* **Material provided**
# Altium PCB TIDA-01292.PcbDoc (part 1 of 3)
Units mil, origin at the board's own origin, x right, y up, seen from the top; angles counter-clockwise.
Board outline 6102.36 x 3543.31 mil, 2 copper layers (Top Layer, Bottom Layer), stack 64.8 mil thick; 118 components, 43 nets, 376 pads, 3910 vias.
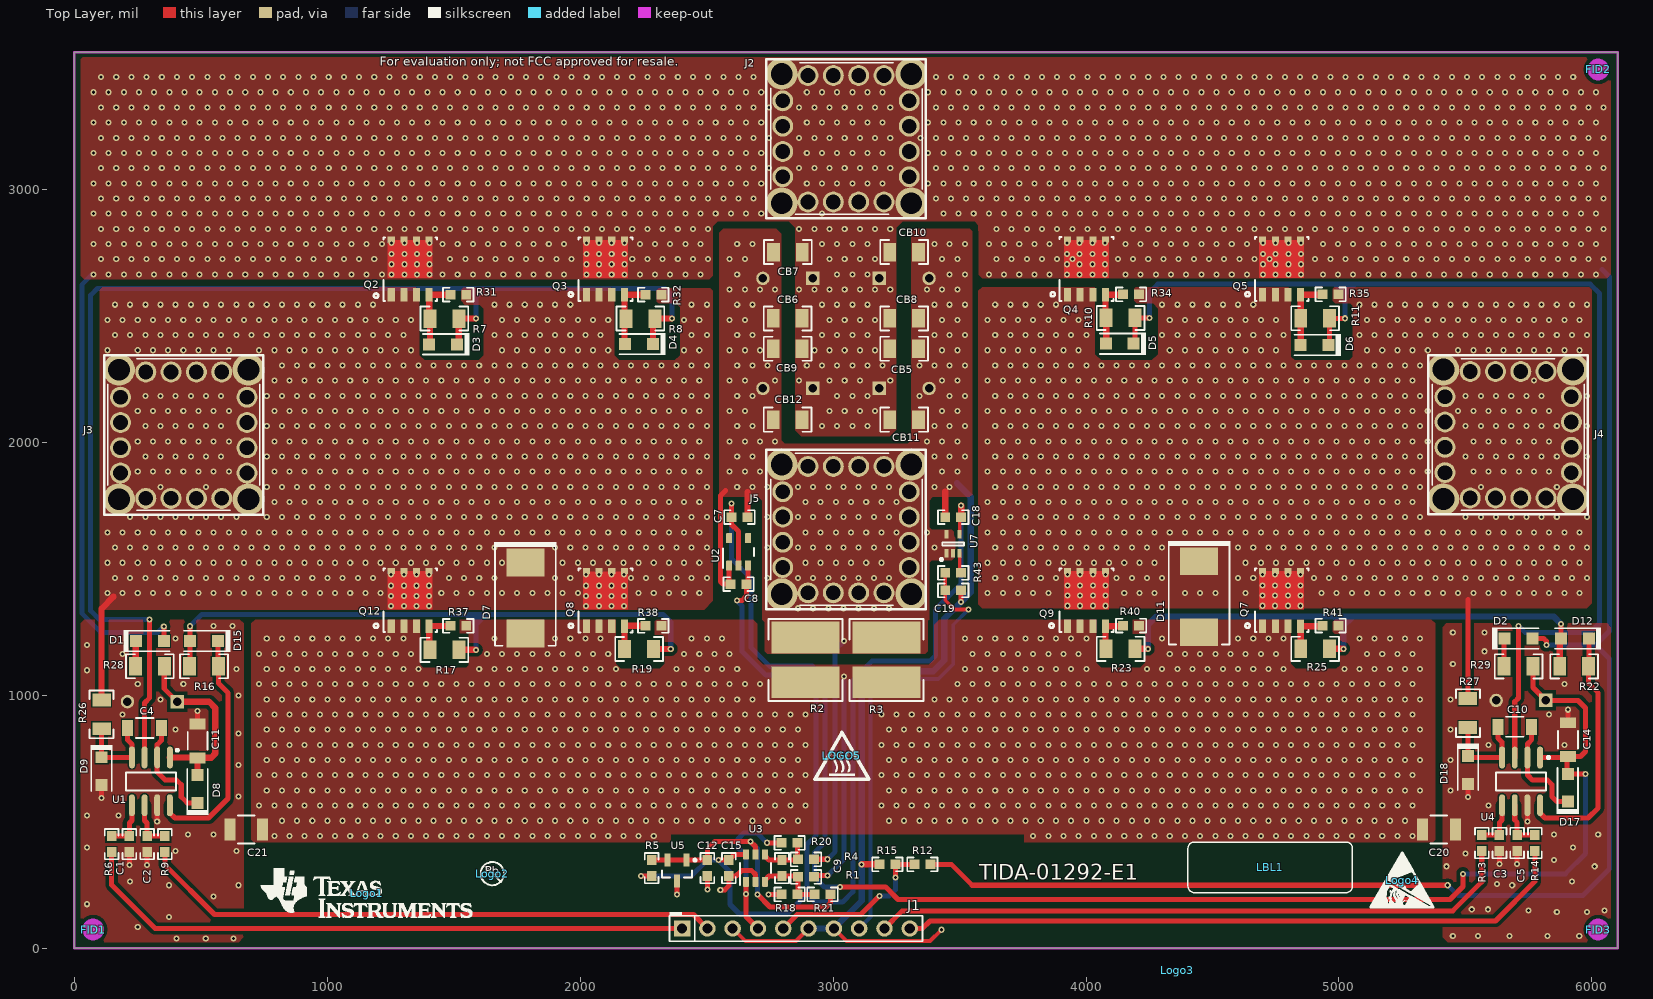
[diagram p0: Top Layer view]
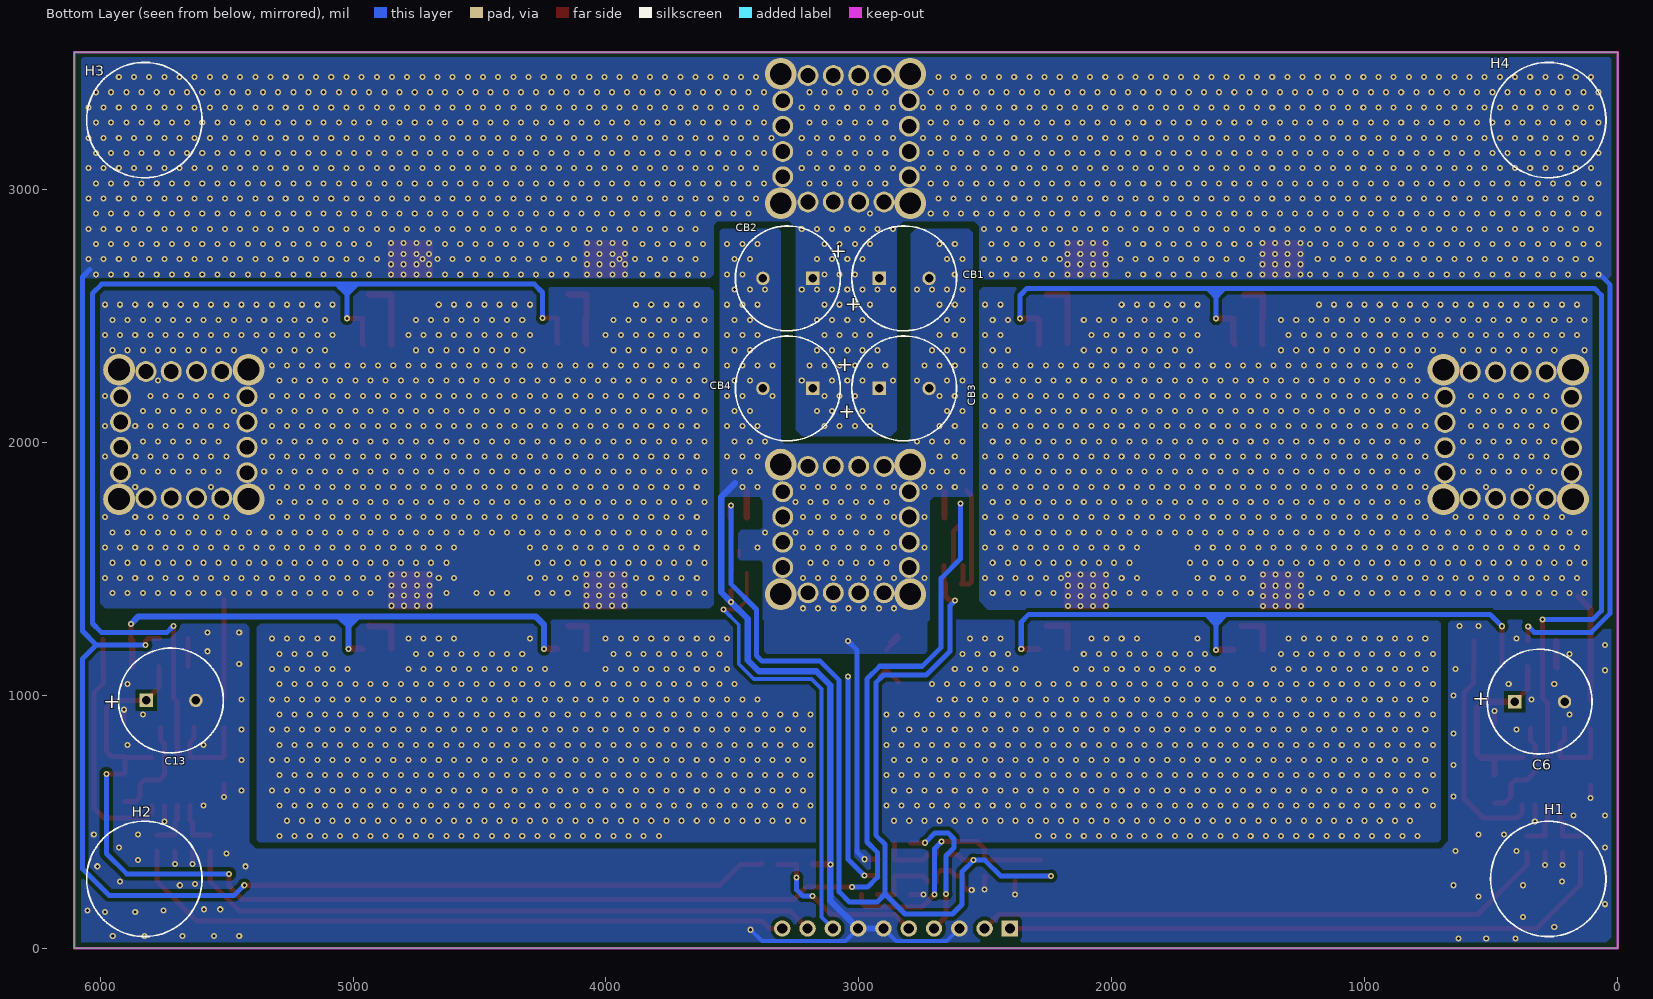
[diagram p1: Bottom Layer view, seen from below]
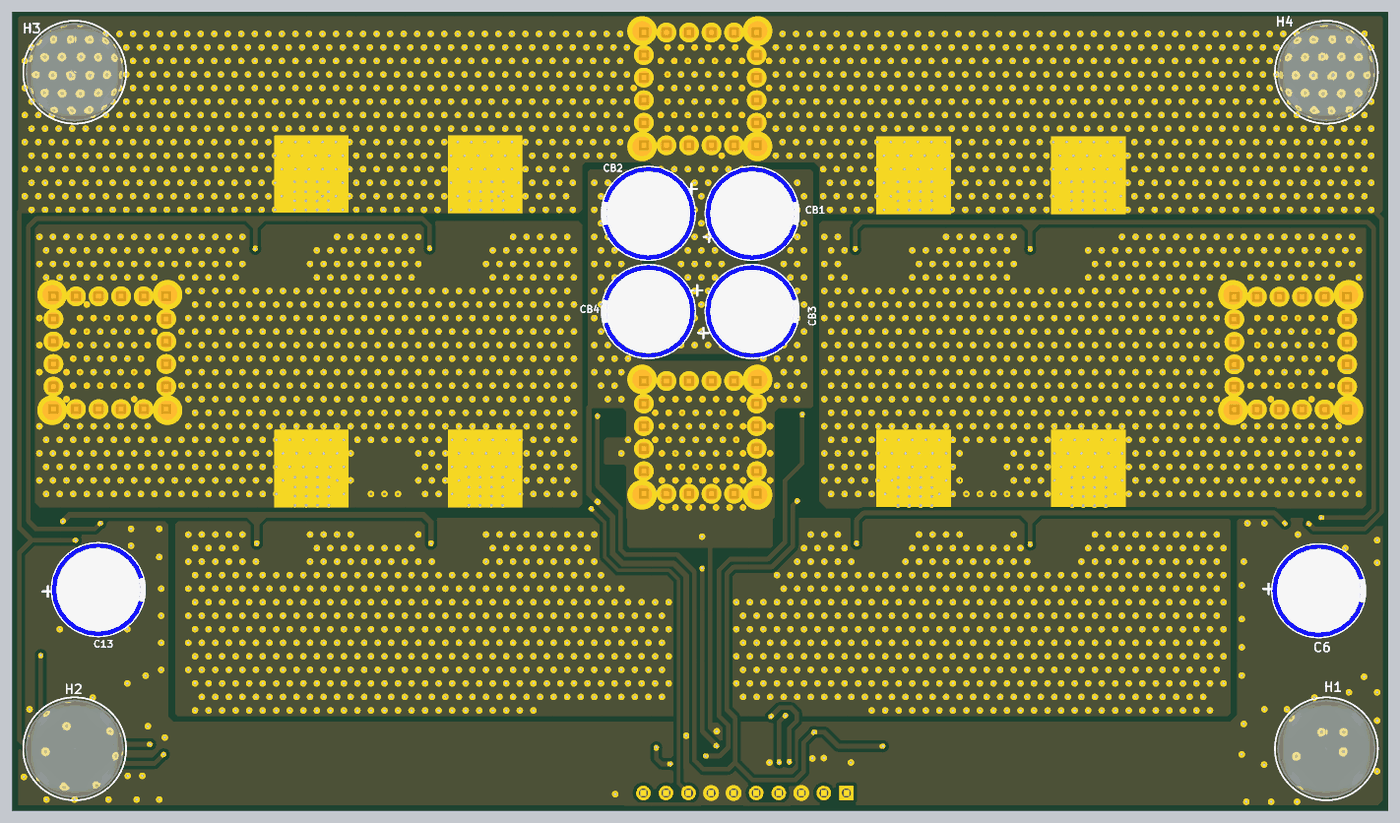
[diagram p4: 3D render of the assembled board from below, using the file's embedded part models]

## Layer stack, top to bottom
Top Solder: solder mask 0.4, Solder Resist, Dk 3.5
Top Layer: signal copper 2.8
Dielectric1: core 59.2, FR-4 High Tg, Dk 4.8
Bottom Layer: signal copper 2.8
Bottom Solder: solder mask 0.4, Solder Resist, Dk 3.5

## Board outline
0,0 6102.36,0 6102.36,3543.31 0,3543.31

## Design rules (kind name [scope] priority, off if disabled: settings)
AcuteAngle [All] p1: minimum=4.50000000000000E+0001 checktracksonly=FALSE
AssemblyTestPointUsage [All] p1: valid=2
Clearance Clearance_HS_Pads [InPadClass('HS_Pads') vs InPolygon] p1: gap=25
Clearance Clearance_Keepouts [OnCopper And InPolygon vs IsKeepOut] p2: gap=15
Clearance Clearance_Poly [InPolygon] p3: gap=15 except(6: SMDPad-Poly; 25: Poly-Poly)
Clearance [All] p4: gap=7.87
ComponentClearance ComponentClearance_MountingHoles_FiducialMarks [InComponentClass('Mounting Holes') vs InComponentClass('FiducialMark')] p1: gap=10 collisioncheckmode=3 verticalgap=10 showdistances=FALSE
ComponentClearance ComponentClearance_Shunt [InComponentClass('Header') vs InComponentClass('Shunt')] p2: gap=0 collisioncheckmode=3 verticalgap=0 showdistances=FALSE
ComponentClearance ComponentClearance_Logo [InComponentClass('Logo')] p3: gap=10 collisioncheckmode=3 verticalgap=10 showdistances=FALSE
ComponentClearance ComponentClearance_ScrewToNut [(HasFootprint('NY PMS 440 0025 PH')) vs (HasFootprint('Keystone_1902C'))] p4: gap=5 collisioncheckmode=3 verticalgap=10 showdistances=FALSE
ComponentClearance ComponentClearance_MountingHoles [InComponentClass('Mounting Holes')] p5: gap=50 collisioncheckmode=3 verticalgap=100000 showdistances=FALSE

* **Brief**
Retype, exactly and with no pictures, everything above from the line with "Units mil, origin" down to the line with "[diagram p0: Top Layer view]", both included.

* **Expected output**
Units mil, origin at the board's own origin, x right, y up, seen from the top; angles counter-clockwise.
Board outline 6102.36 x 3543.31 mil, 2 copper layers (Top Layer, Bottom Layer), stack 64.8 mil thick; 118 components, 43 nets, 376 pads, 3910 vias.
[diagram p0: Top Layer view]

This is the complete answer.